W dniu 30 września 2015 r. zapadł kolejny ważny wyrok Sądu Najwyższego mający niebagatelne znaczenie dla praktyki badań DNA w Polsce. Naczelny organ władzy sądowniczej zdecydował, że sądy polskie nie mogą rezygnować z przeprowadzania badań DNA w celu ustalenia ojcostwa zasłaniając się dobrem dziecka. Działania takie, zdaniem SN są nieprawidłowe i prowadzą do ignorowania praw innych osób, w tym w szczególności domniemanego ojca.

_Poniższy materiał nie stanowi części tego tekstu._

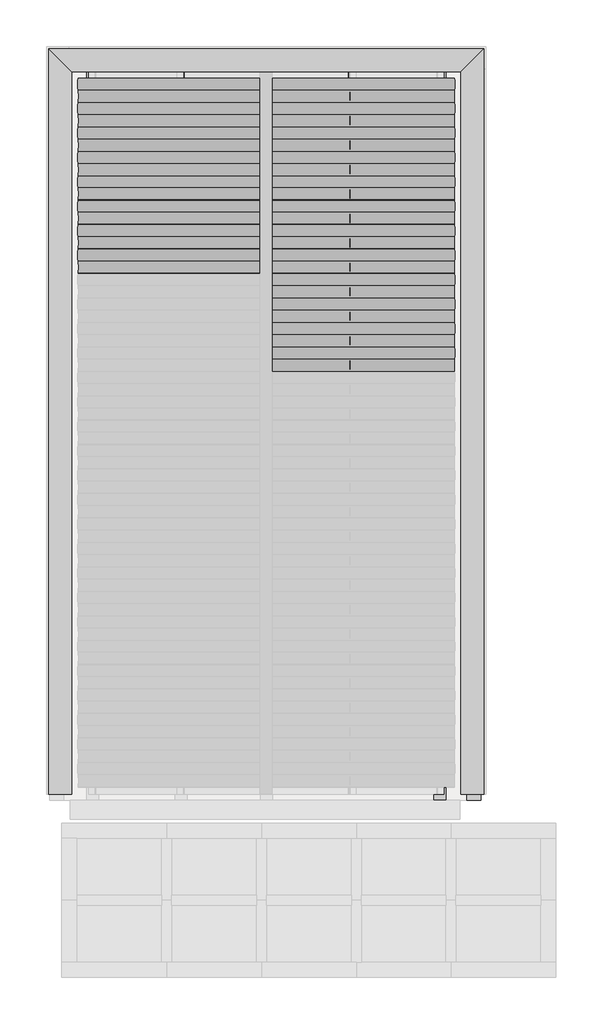
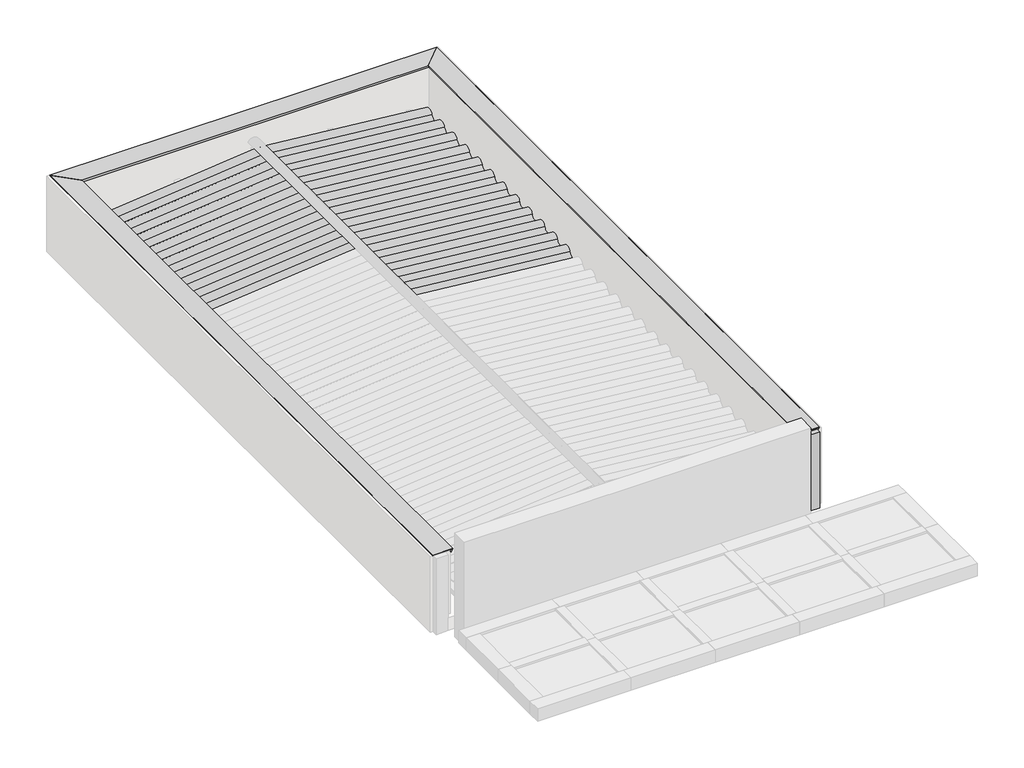
# One storey, part 3 of 3: 35 beams, 12 columns, 1 proxy.
"""IFC4 building model written with IfcOpenShell, lengths in millimetres."""

import ifcopenshell
import ifcopenshell.guid

model = None  # the IFC model being written
_history = None  # IfcOwnerHistory: only IFC2X3 demands one
_inside = {}  # id of a spatial element -> (the spatial element, [elements in it])
_under = {}  # id of a project, library or spatial element -> (it, [spatial elements below it])
_declared = {}  # id of a project -> (the project, [libraries it declares])
_typed = {}  # id of a type object -> (the type object, [elements of that type])
_made_of = {}  # id of a material, layer set ... -> (it, [elements and type objects made of it])


def new_model(schema):
    """Start an empty IFC model of exactly this schema.

    Asked for "IFC4X3", IfcOpenShell would pick the latest addendum, in which some entities
    have other attributes; the version numbers below select the first issue.
    IFC2X3 requires an IfcOwnerHistory on every rooted entity: one is made here for all.
    """
    global model, _history
    if schema == "IFC4X3":
        model = ifcopenshell.file(schema_version=(4, 3, 0, 0))
    else:
        model = ifcopenshell.file(schema=schema)
    _inside.clear()
    _under.clear()
    _declared.clear()
    _typed.clear()
    _made_of.clear()
    _history = None
    if model.schema == "IFC2X3":
        org = make("IfcOrganization", Name="unknown")
        user = make(
            "IfcPersonAndOrganization",
            ThePerson=make("IfcPerson", FamilyName="unknown"),
            TheOrganization=org,
        )
        app = make(
            "IfcApplication",
            ApplicationDeveloper=org,
            Version="unknown",
            ApplicationFullName="unknown",
            ApplicationIdentifier="unknown",
        )
        _history = make(
            "IfcOwnerHistory",
            OwningUser=user,
            OwningApplication=app,
            ChangeAction="ADDED",
            CreationDate=0,
        )
    return model


def make(cls, **values):
    """One entity of the class cls with the attributes given. An attribute that is None is left unset."""
    return model.create_entity(
        cls, **{name: value for name, value in values.items() if value is not None}
    )


def rooted(cls, **values):
    """An entity with a GlobalId (a new one), such as an element, a storey or a relation."""
    return make(cls, GlobalId=ifcopenshell.guid.new(), OwnerHistory=_history, **values)


def si_unit(unit_type, name, prefix=None):
    """IfcSIUnit, for example si_unit("LENGTHUNIT", "METRE", prefix="MILLI")."""
    return make("IfcSIUnit", UnitType=unit_type, Prefix=prefix, Name=name)


def assignment(units):
    """IfcUnitAssignment: the units of a project."""
    return None if units is None else make("IfcUnitAssignment", Units=units)


def point(xyz):
    """IfcCartesianPoint."""
    return None if xyz is None else make("IfcCartesianPoint", Coordinates=xyz)


def direction(xyz):
    """IfcDirection."""
    return None if xyz is None else make("IfcDirection", DirectionRatios=xyz)


def frame(location, z_axis=None, x_axis=None):
    """IfcAxis2Placement3D, a coordinate frame: its origin and axes. An axis left out is left unset."""
    return make(
        "IfcAxis2Placement3D",
        Location=point(location),
        Axis=direction(z_axis),
        RefDirection=direction(x_axis),
    )


def frame_2d(location, x_axis=None):
    """IfcAxis2Placement2D, a coordinate frame in the plane: its origin and x axis."""
    return make(
        "IfcAxis2Placement2D", Location=point(location), RefDirection=direction(x_axis)
    )


def origin():
    """The frame at (0, 0, 0) with its axes left unset."""
    return frame((0.0, 0.0, 0.0))


def place(relative_to, where):
    """IfcLocalPlacement: puts the frame where relative to a parent placement (None: the world)."""
    return make(
        "IfcLocalPlacement", PlacementRelTo=relative_to, RelativePlacement=where
    )


def context(
    kind, dimensions, precision=None, world=None, true_north=None, identifier=None
):
    """IfcGeometricRepresentationContext, for example the 3D "Model" context."""
    return make(
        "IfcGeometricRepresentationContext",
        ContextIdentifier=identifier,
        ContextType=kind,
        CoordinateSpaceDimension=dimensions,
        Precision=precision,
        WorldCoordinateSystem=world,
        TrueNorth=true_north,
    )


def project(units=None, contexts=None):
    """IfcProject with its units and contexts."""
    return rooted(
        "IfcProject",
        Name="project",
        RepresentationContexts=contexts,
        UnitsInContext=assignment(units),
    )


def spatial(cls, under=None, at=None, **own):
    """A site, building, storey or space (cls), placed at a placement, below another one or the project."""
    s = rooted(cls, ObjectPlacement=at, **own)
    if under is not None:
        _under.setdefault(under.id(), (under, []))[1].append(s)
    return s


def polyline(points):
    """IfcPolyline through the points."""
    return make("IfcPolyline", Points=[point(p) for p in points])


def circle_curve(where, radius):
    """IfcCircle in the frame where."""
    return make("IfcCircle", Position=where, Radius=radius)


def trimmed(basis, trim1, trim2, sense, master):
    """IfcTrimmedCurve: the piece of a basis curve between two trims."""
    return make(
        "IfcTrimmedCurve",
        BasisCurve=basis,
        Trim1=trim1,
        Trim2=trim2,
        SenseAgreement=sense,
        MasterRepresentation=master,
    )


def segment(curve, same_sense, transition):
    """IfcCompositeCurveSegment."""
    return make(
        "IfcCompositeCurveSegment",
        Transition=transition,
        SameSense=same_sense,
        ParentCurve=curve,
    )


def composite_curve(segments, self_intersect=None):
    """IfcCompositeCurve: segments joined end to end."""
    return make("IfcCompositeCurve", Segments=segments, SelfIntersect=self_intersect)


def outline(outer, holes=None, kind="AREA"):
    """IfcArbitraryClosedProfileDef: a profile drawn as a closed curve; with holes, ...WithVoids."""
    if holes is None:
        return make("IfcArbitraryClosedProfileDef", ProfileType=kind, OuterCurve=outer)
    return make(
        "IfcArbitraryProfileDefWithVoids",
        ProfileType=kind,
        OuterCurve=outer,
        InnerCurves=holes,
    )


def extrude(swept, where, along, depth):
    """IfcExtrudedAreaSolid: the profile swept, set in the frame where, extruded along a direction by depth."""
    return make(
        "IfcExtrudedAreaSolid",
        SweptArea=swept,
        Position=where,
        ExtrudedDirection=direction(along),
        Depth=depth,
    )


def faces_of(points, faces, orient=None, outer=None):
    """IfcFace entities. A face is a list of loops; a loop is a list of indices into points, from 0.

    orient and outer hold one flag for each loop. By default every Orientation is true, the
    first loop of a face is its IfcFaceOuterBound and the others are IfcFaceBound.
    """
    made = []
    for i, loops in enumerate(faces):
        bounds = []
        for j, loop in enumerate(loops):
            is_outer = j == 0 if outer is None else outer[i][j]
            bounds.append(
                make(
                    "IfcFaceOuterBound" if is_outer else "IfcFaceBound",
                    Bound=make("IfcPolyLoop", Polygon=[points[k] for k in loop]),
                    Orientation=True if orient is None else orient[i][j],
                )
            )
        made.append(make("IfcFace", Bounds=bounds))
    return made


def faceted_brep(points, faces, orient=None, outer=None, voids=None):
    """IfcFacetedBrep: a solid bounded by flat faces; with voids (closed shells), ...WithVoids."""
    shared = [point(p) for p in points]
    hull = make("IfcClosedShell", CfsFaces=faces_of(shared, faces, orient, outer))
    if voids is None:
        return make("IfcFacetedBrep", Outer=hull)
    return make(
        "IfcFacetedBrepWithVoids",
        Outer=hull,
        Voids=[
            make(cls, CfsFaces=faces_of(shared, fs, o, b)) for cls, fs, o, b in voids
        ],
    )


def shape(context_of_items, identifier, shape_type, items):
    """IfcShapeRepresentation: the items that make up one representation, for example the "Body"."""
    return make(
        "IfcShapeRepresentation",
        ContextOfItems=context_of_items,
        RepresentationIdentifier=identifier,
        RepresentationType=shape_type,
        Items=items,
    )


def source(mapping_origin, context_of_items, identifier, shape_type, items):
    """IfcRepresentationMap: a shape defined once, which mapped items show again and again."""
    return make(
        "IfcRepresentationMap",
        MappingOrigin=mapping_origin,
        MappedRepresentation=shape(context_of_items, identifier, shape_type, items),
    )


def transform(
    local_origin,
    x_axis=None,
    y_axis=None,
    z_axis=None,
    scale=None,
    scale2=None,
    scale3=None,
    uniform=True,
):
    """IfcCartesianTransformationOperator3D, or its non-uniform kind. x_axis, y_axis, z_axis: its Axis1, 2, 3."""
    if uniform:
        return make(
            "IfcCartesianTransformationOperator3D",
            Axis1=direction(x_axis),
            Axis2=direction(y_axis),
            LocalOrigin=point(local_origin),
            Scale=scale,
            Axis3=direction(z_axis),
        )
    return make(
        "IfcCartesianTransformationOperator3DnonUniform",
        Axis1=direction(x_axis),
        Axis2=direction(y_axis),
        LocalOrigin=point(local_origin),
        Scale=scale,
        Axis3=direction(z_axis),
        Scale2=scale2,
        Scale3=scale3,
    )


def mapped(mapping_source, mapping_target):
    """IfcMappedItem: shows the shape of a source again, moved by a transform."""
    return make(
        "IfcMappedItem", MappingSource=mapping_source, MappingTarget=mapping_target
    )


def made_of(thing, what):
    """Note that an element or type object is made of a material, layer set ...; save() writes the relation."""
    if what is not None:
        _made_of.setdefault(what.id(), (what, []))[1].append(thing)
    return thing


def element(
    cls,
    number,
    at=None,
    inside=None,
    cuts=None,
    type_object=None,
    material=None,
    context=None,
    identifier="Body",
    shape_type=None,
    held_by="IfcProductDefinitionShape",
    body=None,
    shapes=None,
    **own,
):
    """One element of the class cls, such as IfcWall. Its Tag is "e" and its number.

    at: its placement. inside: the storey or other place that contains it. cuts: it is an
    opening in that element (IfcRelVoidsElement). A single representation is given by context,
    identifier, shape_type and body (its items); several are given by shapes. held_by: the class
    of the entity that holds the representations. save() writes the other relations.
    """
    e = rooted(cls, Tag="e%d" % number, ObjectPlacement=at, **own)
    if body is not None:
        shapes = [shape(context, identifier, shape_type, body)]
    if shapes is not None:
        e.Representation = make(held_by, Representations=shapes)
    if inside is not None:
        _inside.setdefault(inside.id(), (inside, []))[1].append(e)
    if cuts is not None:
        rooted(
            "IfcRelVoidsElement", RelatingBuildingElement=cuts, RelatedOpeningElement=e
        )
    if type_object is not None:
        _typed.setdefault(type_object.id(), (type_object, []))[1].append(e)
    return made_of(e, material)


def aggregate(whole, parts):
    """IfcRelAggregates: a whole, such as a stair, and the parts it consists of."""
    return rooted("IfcRelAggregates", RelatingObject=whole, RelatedObjects=parts)


def save(model, path):
    """Write the relations noted so far, then the file.

    IfcRelAggregates (storeys below a building ...), IfcRelContainedInSpatialStructure (elements
    in a storey), IfcRelDefinesByType, IfcRelAssociatesMaterial and IfcRelDeclares: one each for
    every whole, place, type object, material and project.
    """
    for whole, parts in _under.values():
        aggregate(whole, parts)
    for where, things in _inside.values():
        rooted(
            "IfcRelContainedInSpatialStructure",
            RelatedElements=things,
            RelatingStructure=where,
        )
    for kind, things in _typed.values():
        rooted("IfcRelDefinesByType", RelatedObjects=things, RelatingType=kind)
    for what, things in _made_of.values():
        rooted("IfcRelAssociatesMaterial", RelatedObjects=things, RelatingMaterial=what)
    for by, libraries in _declared.values():
        rooted("IfcRelDeclares", RelatingContext=by, RelatedDefinitions=libraries)
    model.write(path)


def column_1cffec27(model_context):
    return source(origin(), model_context, "Body", "SweptSolid", [
        extrude(outline(polyline([(30.0, 80.0), (30.0, -80.0), (-30.0, -80.0), (-30.0, 80.0), (30.0, 80.0)])), frame((0.0, 0.0, 3110.0), z_axis=(0.0, 0.0, 1.0), x_axis=(1.0, 0.0, 0.0)), (0.0, 0.0, 1.0), 238.0),
    ])


def column_35730ad5(model_context):
    return source(origin(), model_context, "Body", "SweptSolid", [
        extrude(outline(polyline([(30.0, 80.0), (30.0, -80.0), (-30.0, -80.0), (-30.0, 80.0), (30.0, 80.0)])), frame((0.0, 0.0, 3110.0), z_axis=(0.0, 0.0, 1.0), x_axis=(1.0, 0.0, 0.0)), (0.0, 0.0, 1.0), 197.9),
    ])


def column_00c463e4(model_context):
    return source(origin(), model_context, "Body", "SweptSolid", [
        extrude(outline(polyline([(30.0, 80.0), (30.0, -80.0), (-30.0, -80.0), (-30.0, 80.0), (30.0, 80.0)])), frame((0.0, 0.0, 3110.0), z_axis=(0.0, 0.0, 1.0), x_axis=(1.0, 0.0, 0.0)), (0.0, 0.0, 1.0), 109.8),
    ])


model = new_model("IFC4")

# Units and contexts
model_context = context("Model", 3, world=origin())
ifc_project = project(units=[si_unit("LENGTHUNIT", "METRE", prefix="MILLI")], contexts=[model_context])

# Site, building, storey
site = spatial("IfcSite", under=ifc_project)
building = spatial("IfcBuilding", under=site)
storey = spatial("IfcBuildingStorey", under=building, Name="COB. GARAGEM", Elevation=3050.0)

# Beams
placement = place(None, origin())
element("IfcBeam", 1, ObjectType="Madeira de lei : Berço 6x12cm", at=placement, inside=storey, context=model_context, shape_type="SweptSolid", body=[
    extrude(outline(polyline([(-9620.281307, 6423.9300153), (-9500.281307, 6423.9300153), (-9500.281307, 4423.9300153), (-9620.281307, 4423.9300153), (-9620.281307, 6423.9300153)])), frame((0.0, 0.0, 3050.0), z_axis=(0.0, 0.0, 1.0), x_axis=(1.0, 0.0, 0.0)), (0.0, 0.0, 1.0), 60.0),
])
element("IfcBeam", 2, ObjectType="Madeira de lei : Berço 6x12cm", at=placement, inside=storey, context=model_context, shape_type="SweptSolid", body=[
    extrude(outline(polyline([(-9620.281307, 7083.9300153), (-9500.281307, 7083.9300153), (-9500.281307, 6423.9300153), (-9620.281307, 6423.9300153), (-9620.281307, 7083.9300153)])), frame((0.0, 0.0, 3050.0), z_axis=(0.0, 0.0, 1.0), x_axis=(1.0, 0.0, 0.0)), (0.0, 0.0, 1.0), 60.0),
])
element("IfcBeam", 3, ObjectType="Madeira de lei : Berço 6x12cm", at=placement, inside=storey, context=model_context, shape_type="SweptSolid", body=[
    extrude(outline(polyline([(-8767.0824227, 6423.9300153), (-8647.0824227, 6423.9300153), (-8647.0824227, 4423.9300153), (-8767.0824227, 4423.9300153), (-8767.0824227, 6423.9300153)])), frame((0.0, 0.0, 3050.0), z_axis=(0.0, 0.0, 1.0), x_axis=(1.0, 0.0, 0.0)), (0.0, 0.0, 1.0), 60.0),
])
element("IfcBeam", 4, ObjectType="Madeira de lei : Berço 6x12cm", at=placement, inside=storey, context=model_context, shape_type="SweptSolid", body=[
    extrude(outline(polyline([(-8767.0824227, 7083.9300153), (-8647.0824227, 7083.9300153), (-8647.0824227, 6423.9300153), (-8767.0824227, 6423.9300153), (-8767.0824227, 7083.9300153)])), frame((0.0, 0.0, 3050.0), z_axis=(0.0, 0.0, 1.0), x_axis=(1.0, 0.0, 0.0)), (0.0, 0.0, 1.0), 60.0),
])
element("IfcBeam", 5, ObjectType="Madeira de lei : Berço 6x12cm", at=placement, inside=storey, context=model_context, shape_type="SweptSolid", body=[
    extrude(outline(polyline([(-7884.0324227, 4423.9300153), (-7764.0324227, 4423.9300153), (-7764.0324227, 2423.9300153), (-7884.0324227, 2423.9300153), (-7884.0324227, 4423.9300153)])), frame((0.0, 0.0, 3050.0), z_axis=(0.0, 0.0, 1.0), x_axis=(1.0, 0.0, 0.0)), (0.0, 0.0, 1.0), 60.0),
])
element("IfcBeam", 6, ObjectType="Madeira de lei : Berço 6x12cm", at=placement, inside=storey, context=model_context, shape_type="SweptSolid", body=[
    extrude(outline(polyline([(-7884.0324227, 6423.9300153), (-7764.0324227, 6423.9300153), (-7764.0324227, 4423.9300153), (-7884.0324227, 4423.9300153), (-7884.0324227, 6423.9300153)])), frame((0.0, 0.0, 3050.0), z_axis=(0.0, 0.0, 1.0), x_axis=(1.0, 0.0, 0.0)), (0.0, 0.0, 1.0), 60.0),
])
element("IfcBeam", 7, ObjectType="Madeira de lei : Berço 6x12cm", at=placement, inside=storey, context=model_context, shape_type="SweptSolid", body=[
    extrude(outline(polyline([(-7884.0324227, 2423.9300153), (-7764.0324227, 2423.9300153), (-7764.0324227, 423.9300153), (-7884.0324227, 423.9300153), (-7884.0324227, 2423.9300153)])), frame((0.0, 0.0, 3050.0), z_axis=(0.0, 0.0, 1.0), x_axis=(1.0, 0.0, 0.0)), (0.0, 0.0, 1.0), 60.0),
])
element("IfcBeam", 8, ObjectType="Madeira de lei : Berço 6x12cm", at=placement, inside=storey, context=model_context, shape_type="SweptSolid", body=[
    extrude(outline(polyline([(-7884.0324227, 7083.9300153), (-7764.0324227, 7083.9300153), (-7764.0324227, 6423.9300153), (-7884.0324227, 6423.9300153), (-7884.0324227, 7083.9300153)])), frame((0.0, 0.0, 3050.0), z_axis=(0.0, 0.0, 1.0), x_axis=(1.0, 0.0, 0.0)), (0.0, 0.0, 1.0), 60.0),
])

W omawianej sprawie, w świetle prawa, ojcem 9 letniego chłopca był mąż matki dziecka, Pan Władysław. Jednakże, przez cały czas miał on poważne podejrzenia, iż nie jest biologicznym ojcem dziecka. Pewnego smaczku skandalu dodaję sprawie fakt, iż o ojcostwo podejrzewał księdza z pobliskiej parafii, który utrzymywał bliskie relacje z matką dziecka podczas licznych prób chóru parafialnego, wspólnych wyjazdów etc. Jako że mąż matki dziecka może wystąpić z powództwem o zaprzeczenie ojcostwa jedynie w ciągu 6 miesięcy od dnia narodzin potomka (zgodnie z art. 63 Kodeksu rodzinnego i opiekuńczego – KRO) zwrócił się do Prokuratury Rejonowej o wystąpienia z powództwem o zaprzeczenie ojcostwa (na podstawie art. 83 KRO) co ta niniejszym uczyniła.
W I instancji Sąd Rejonowy jednak odrzucił powództwo. Sąd nie dopuścił dowodu z badań DNA zasłaniając się przy tym, co jest częstą praktyką, dobrem dziecka. Z kolei pozostałe dowody w ocenie sądu nie pozwalały jednoznacznie stwierdzić, iż ojcem dziecka jest ktoś inny aniżeli. Od tego wyroku Pan Władysław wniósł apelację. Sąd Okręgowy odrzucił ją argumentując, iż nie posiadał legitymacji procesowej do wniesienia apelacji i mógł to uczynić jedynie prokurator. W związku z tym, Panu Władysławowi nie pozostało nic innego jak szukać sprawiedliwości w Sądzie Najwyższym.
W swoim orzeczeniu Sąd Najwyższy nie pozostawił wątpliwości po czyjej stronie jest racja. Uwzględnił skargę, uchylił orzeczenie apelacyjne i nakazał ponowne rozpoznanie sprawy. W pierwszej kolejności stwierdził, iż pozbawienie Pana Władysława prawa do apelacji jest niedopuszczalne. Jak podkreślił sędzia Dariusz Zawistowski: Gdyby przyznać rację sądowi, to postępowanie byłoby w istocie jednoinstancyjne, gdyż pozwany nie mógłby złożyć środka odwoławczego. To zaś stoi w sprzeczności z przepisami konstytucji.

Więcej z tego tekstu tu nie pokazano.